→ Stored entries

=-=-=

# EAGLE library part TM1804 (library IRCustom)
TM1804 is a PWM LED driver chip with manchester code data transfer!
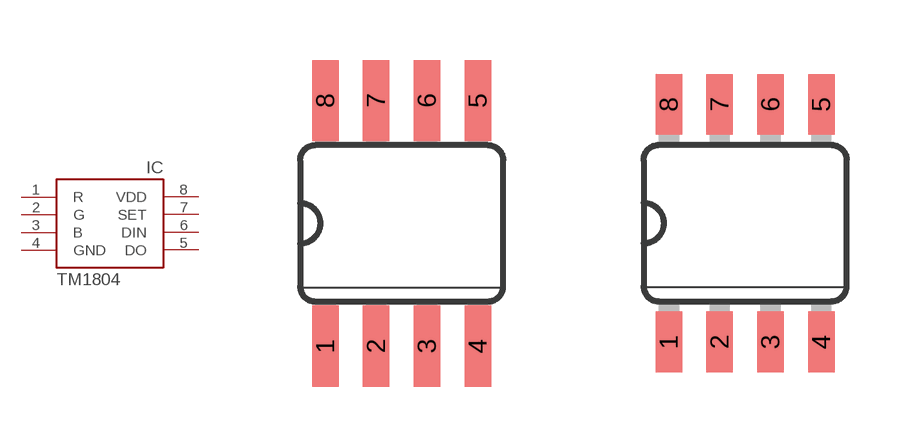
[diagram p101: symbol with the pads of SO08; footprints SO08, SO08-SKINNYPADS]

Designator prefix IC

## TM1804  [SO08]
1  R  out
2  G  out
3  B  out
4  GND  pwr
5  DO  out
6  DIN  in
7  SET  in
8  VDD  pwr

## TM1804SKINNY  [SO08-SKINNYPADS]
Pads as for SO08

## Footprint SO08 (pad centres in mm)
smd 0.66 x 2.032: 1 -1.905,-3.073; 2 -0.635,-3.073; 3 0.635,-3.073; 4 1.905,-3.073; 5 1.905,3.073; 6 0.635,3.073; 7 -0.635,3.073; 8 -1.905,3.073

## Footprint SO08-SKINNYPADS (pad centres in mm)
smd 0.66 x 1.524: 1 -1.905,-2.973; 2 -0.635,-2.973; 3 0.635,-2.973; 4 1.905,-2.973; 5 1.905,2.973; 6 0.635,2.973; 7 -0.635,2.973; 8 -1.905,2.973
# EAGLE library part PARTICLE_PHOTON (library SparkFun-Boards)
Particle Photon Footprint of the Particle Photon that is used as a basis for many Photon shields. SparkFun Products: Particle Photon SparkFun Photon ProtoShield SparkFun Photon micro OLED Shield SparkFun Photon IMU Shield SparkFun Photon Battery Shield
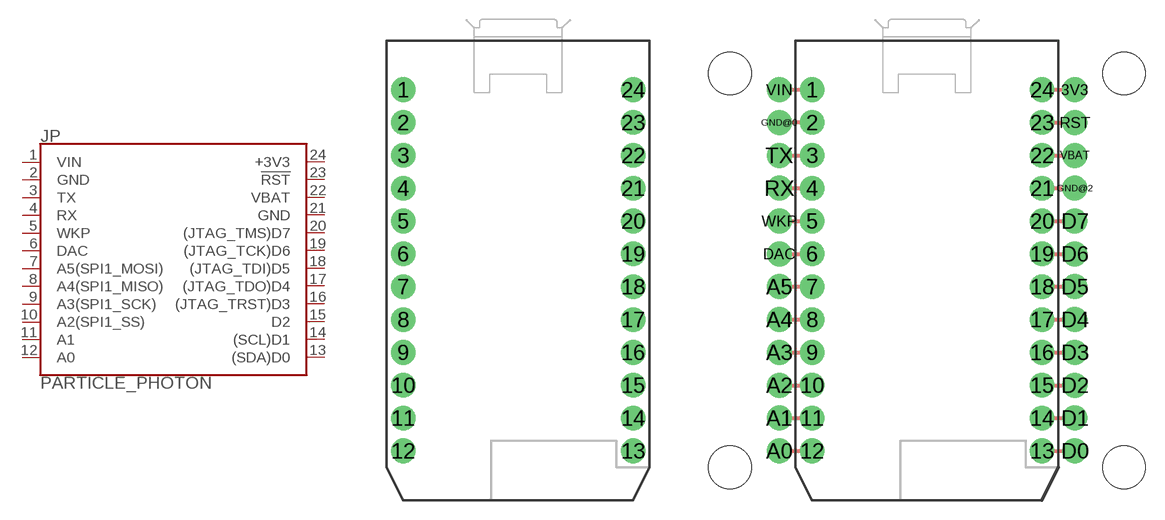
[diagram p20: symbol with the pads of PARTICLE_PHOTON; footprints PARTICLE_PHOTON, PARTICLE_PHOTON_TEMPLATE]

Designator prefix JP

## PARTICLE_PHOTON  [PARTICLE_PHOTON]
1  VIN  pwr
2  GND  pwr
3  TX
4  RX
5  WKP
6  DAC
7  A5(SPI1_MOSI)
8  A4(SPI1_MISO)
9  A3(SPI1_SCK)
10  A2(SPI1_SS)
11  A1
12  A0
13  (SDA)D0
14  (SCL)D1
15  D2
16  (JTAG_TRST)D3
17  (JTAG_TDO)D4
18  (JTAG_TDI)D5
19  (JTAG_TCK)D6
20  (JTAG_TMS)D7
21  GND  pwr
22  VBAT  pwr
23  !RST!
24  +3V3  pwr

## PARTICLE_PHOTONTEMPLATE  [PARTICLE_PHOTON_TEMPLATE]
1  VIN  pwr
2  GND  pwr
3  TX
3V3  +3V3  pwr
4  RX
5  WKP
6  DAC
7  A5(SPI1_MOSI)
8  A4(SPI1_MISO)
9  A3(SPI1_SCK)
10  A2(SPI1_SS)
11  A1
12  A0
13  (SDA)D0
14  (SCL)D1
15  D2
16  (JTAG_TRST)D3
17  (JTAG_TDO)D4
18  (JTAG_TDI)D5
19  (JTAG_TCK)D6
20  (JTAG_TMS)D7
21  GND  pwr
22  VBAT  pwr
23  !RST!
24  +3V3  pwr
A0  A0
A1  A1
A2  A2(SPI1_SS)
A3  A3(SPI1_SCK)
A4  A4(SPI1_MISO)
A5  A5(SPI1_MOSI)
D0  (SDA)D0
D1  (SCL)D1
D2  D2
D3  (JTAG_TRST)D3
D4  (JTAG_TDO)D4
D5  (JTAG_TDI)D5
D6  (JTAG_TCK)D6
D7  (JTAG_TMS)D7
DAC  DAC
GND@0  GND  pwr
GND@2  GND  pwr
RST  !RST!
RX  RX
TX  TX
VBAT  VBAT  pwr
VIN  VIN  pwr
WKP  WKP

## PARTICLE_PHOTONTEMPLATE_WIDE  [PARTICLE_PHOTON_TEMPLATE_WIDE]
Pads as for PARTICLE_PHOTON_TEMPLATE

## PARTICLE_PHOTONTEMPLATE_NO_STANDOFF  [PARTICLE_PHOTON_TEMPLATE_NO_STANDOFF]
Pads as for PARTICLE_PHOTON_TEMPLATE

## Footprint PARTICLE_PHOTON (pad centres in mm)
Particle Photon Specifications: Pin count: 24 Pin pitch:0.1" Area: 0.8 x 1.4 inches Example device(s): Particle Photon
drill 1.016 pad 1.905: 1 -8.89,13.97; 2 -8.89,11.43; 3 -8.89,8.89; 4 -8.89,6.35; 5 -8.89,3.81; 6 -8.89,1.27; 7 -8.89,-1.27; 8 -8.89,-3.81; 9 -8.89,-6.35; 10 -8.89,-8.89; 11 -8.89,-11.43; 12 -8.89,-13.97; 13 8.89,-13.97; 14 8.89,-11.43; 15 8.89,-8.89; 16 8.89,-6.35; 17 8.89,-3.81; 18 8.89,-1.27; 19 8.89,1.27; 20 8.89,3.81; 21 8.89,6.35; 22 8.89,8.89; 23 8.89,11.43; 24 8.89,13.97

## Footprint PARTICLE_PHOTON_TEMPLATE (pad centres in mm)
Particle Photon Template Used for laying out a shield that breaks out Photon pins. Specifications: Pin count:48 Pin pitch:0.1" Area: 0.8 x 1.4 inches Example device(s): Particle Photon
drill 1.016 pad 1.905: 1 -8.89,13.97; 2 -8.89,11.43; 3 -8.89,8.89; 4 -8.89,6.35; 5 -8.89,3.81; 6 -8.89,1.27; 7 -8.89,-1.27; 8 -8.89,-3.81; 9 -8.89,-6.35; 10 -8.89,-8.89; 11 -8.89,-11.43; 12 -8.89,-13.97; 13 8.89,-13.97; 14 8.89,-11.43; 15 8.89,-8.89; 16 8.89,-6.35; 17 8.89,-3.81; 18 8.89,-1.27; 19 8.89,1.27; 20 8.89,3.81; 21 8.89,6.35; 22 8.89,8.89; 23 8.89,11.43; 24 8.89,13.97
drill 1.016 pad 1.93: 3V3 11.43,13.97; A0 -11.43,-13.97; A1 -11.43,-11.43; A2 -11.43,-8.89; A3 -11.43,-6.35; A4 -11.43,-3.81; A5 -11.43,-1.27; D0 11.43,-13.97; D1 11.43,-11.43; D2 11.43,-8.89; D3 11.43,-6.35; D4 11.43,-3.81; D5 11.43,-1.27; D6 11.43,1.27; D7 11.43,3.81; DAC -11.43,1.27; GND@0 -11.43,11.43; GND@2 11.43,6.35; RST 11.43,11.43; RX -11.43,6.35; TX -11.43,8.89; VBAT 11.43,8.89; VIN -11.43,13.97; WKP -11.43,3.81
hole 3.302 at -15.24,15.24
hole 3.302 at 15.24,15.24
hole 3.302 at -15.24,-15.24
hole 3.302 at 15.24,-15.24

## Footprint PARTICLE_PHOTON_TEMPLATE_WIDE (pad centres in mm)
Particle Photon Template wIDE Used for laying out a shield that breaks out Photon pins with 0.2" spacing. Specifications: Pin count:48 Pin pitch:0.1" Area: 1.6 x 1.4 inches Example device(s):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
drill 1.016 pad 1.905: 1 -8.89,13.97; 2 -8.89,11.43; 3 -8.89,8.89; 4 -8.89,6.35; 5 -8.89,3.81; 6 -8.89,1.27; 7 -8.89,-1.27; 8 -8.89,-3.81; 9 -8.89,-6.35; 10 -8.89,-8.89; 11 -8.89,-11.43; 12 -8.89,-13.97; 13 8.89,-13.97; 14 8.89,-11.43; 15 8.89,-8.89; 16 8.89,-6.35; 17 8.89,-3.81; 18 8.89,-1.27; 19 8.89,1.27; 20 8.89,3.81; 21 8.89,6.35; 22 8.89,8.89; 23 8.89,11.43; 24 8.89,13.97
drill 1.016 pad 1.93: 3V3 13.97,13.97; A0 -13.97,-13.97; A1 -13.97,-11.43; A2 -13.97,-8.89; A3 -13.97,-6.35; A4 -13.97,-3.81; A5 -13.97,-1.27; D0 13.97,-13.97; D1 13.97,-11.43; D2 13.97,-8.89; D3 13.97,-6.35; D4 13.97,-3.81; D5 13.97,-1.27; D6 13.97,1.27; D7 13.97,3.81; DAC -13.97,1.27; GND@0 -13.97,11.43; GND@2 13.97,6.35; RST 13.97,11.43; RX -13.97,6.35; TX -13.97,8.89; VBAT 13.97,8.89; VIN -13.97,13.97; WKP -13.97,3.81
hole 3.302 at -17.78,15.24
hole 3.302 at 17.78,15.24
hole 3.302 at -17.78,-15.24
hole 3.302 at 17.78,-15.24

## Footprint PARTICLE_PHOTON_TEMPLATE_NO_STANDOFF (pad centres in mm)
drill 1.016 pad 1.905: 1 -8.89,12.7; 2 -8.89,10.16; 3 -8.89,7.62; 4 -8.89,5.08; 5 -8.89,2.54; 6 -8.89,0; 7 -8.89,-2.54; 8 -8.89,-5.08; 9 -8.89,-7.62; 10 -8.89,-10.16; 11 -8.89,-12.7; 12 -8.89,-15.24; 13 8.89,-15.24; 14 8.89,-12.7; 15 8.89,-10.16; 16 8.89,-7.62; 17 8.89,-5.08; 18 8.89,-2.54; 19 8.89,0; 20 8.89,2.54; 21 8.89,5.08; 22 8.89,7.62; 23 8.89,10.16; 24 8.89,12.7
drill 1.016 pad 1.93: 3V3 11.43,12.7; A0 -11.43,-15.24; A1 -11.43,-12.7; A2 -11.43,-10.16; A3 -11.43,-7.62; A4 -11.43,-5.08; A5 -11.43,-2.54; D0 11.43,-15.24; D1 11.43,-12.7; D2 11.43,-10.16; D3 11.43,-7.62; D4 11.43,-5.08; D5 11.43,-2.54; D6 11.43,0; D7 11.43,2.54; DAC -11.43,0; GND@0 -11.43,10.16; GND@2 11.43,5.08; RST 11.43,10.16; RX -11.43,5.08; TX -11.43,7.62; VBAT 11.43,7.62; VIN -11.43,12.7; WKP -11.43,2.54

=-=-=

→ Task brief
Which lines above include the word "SKINNYPADS"? Return each one.

→ Exercise solution
[diagram p101: symbol with the pads of SO08; footprints SO08, SO08-SKINNYPADS]
## TM1804SKINNY  [SO08-SKINNYPADS]
## Footprint SO08-SKINNYPADS (pad centres in mm)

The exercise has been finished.